自洋务开启兴业先河,民族企业虽荆棘坎坷、栉风沐雨却应明流而动,师夷长技以制夷,大兴民业催生变革之力,办校兴教开化明智,改良立宪撼动国体。不久,在中华之中九省通衢的武昌,火光冲天,硝烟四起。


启示录:弱政府大市场的野蛮生长

“公司”组织的发明足以匹敌蒸汽机、电力和计算机,它以高效配置资源的方式,改变生活,发动战争,甚至主宰国家。人们甚至担心,富可敌国的公司,终有一天会收购国家。
不过国家和公司并非天敌,国家的中心是政治,公司的中心是市场。在公司诞生初期,政府和公司有着共同的目标,那就是逐利!

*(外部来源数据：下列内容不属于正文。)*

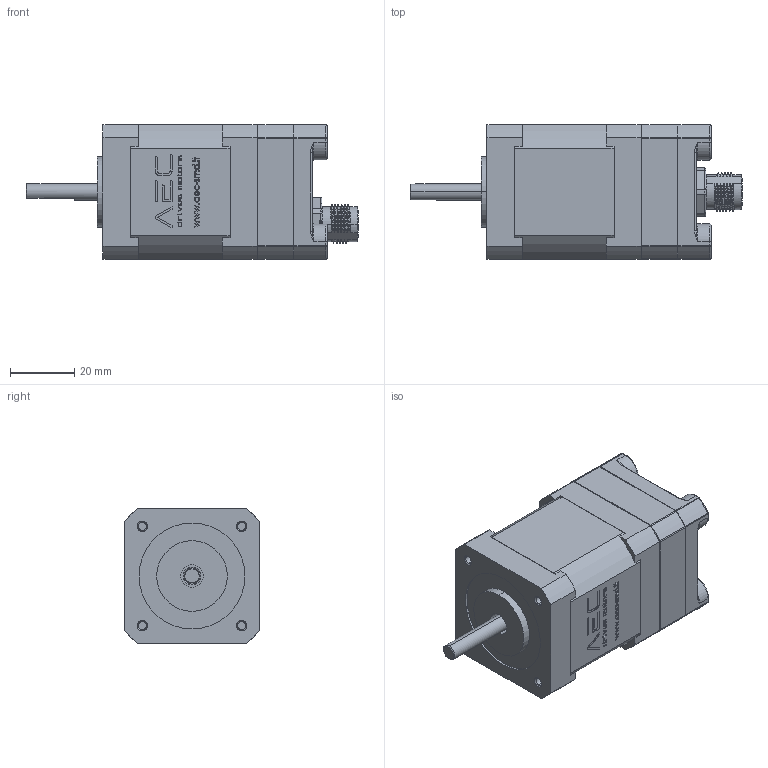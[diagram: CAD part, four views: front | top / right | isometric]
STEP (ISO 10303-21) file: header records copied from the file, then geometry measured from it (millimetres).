
FILE_DESCRIPTION (( 'STEP AP214' ), '1' );
FILE_NAME ('M42SH47-T-C.STEP', '2025-05-17T07:39:27', ( '' ), ( '' ), 'SwSTEP 2.0', 'SolidWorks 2019', '' );
FILE_SCHEMA (( 'AUTOMOTIVE_DESIGN' ));
Length unit declared in the file: millimetre
Products named in the file (1): M42SH47-T-C
Bounding box: 103.5 x 42 x 42 mm (x, y, z)
Volume: 68732.7 mm3; surface area: 58002.2 mm2
Topology: 31 solids, 31 shells, 7069 faces, 17585 edges, 11318 vertices
Faces by surface type: plane 3338, cylinder 1929, bspline 1043, torus 590, cone 117, sphere 52
Entity records: 358713 total; most frequent: CARTESIAN_POINT 115804, ORIENTED_EDGE 34994, DIRECTION 32446, EDGE_CURVE 17497, VERTEX_POINT 11318, AXIS2_PLACEMENT_3D 11258, LINE 9930, VECTOR 9930

英国王室与商业大佬们成立一家特许公司--英格兰东印度公司,这家公司除了垄断贸易外,还购买战舰,雇佣军队,驰骋大洋,贸易与掠夺并进,俨然成为了不折不扣的“政府”。我们甚至相信,这家公司才是鸦片战争的真正的幕后策划者,英国政府只是它的工具。
当英国王室将财政大权让位于议会时,英格兰东印度公司迅速衰败。但是,公司并没有就此灭亡。相反,伴随着工业革命的汽笛声,成千上万的小公司蜂拥而起。
就在博尔顿-瓦特公司推出蒸汽机四天后,苏格兰人亚当o斯密出版了《国富论》,这部著作批判了国家力量追逐货币财富的重商主义,并提倡由“看不见的手”来配置资源,促进市场自由交易。
自由市场时代到来,公司重新回到市场的海洋中生机勃发,公司开始在工业、农业、航运、艺术、战争等领域大显身手。此时,政府似乎成为看客或者叫“打下手的”。
中央集权的国家意识无法理解,弱政府大市场中,公司为何能够快速生长。公司就像饥饿难耐的秃鹫,在自由的天空中血腥逐利。自由可以最大限度地降低了交易成本,公司可以最大限度地逐利。
公司自由逐利的过程中也伴随着一种特征--野蛮。20世纪30年代以前,公司似乎无所不能,对内压榨工人工资,延长工作时间,提供恶劣的工作环境;对外输出假冒伪劣甚至危害生命的产品,控制国家政府,掠夺他国财富,甚至策划世界大战。
虽然公司一直在推动着世界的文明,但是公司自产生之日起就是“天使”与“魔鬼”的合体。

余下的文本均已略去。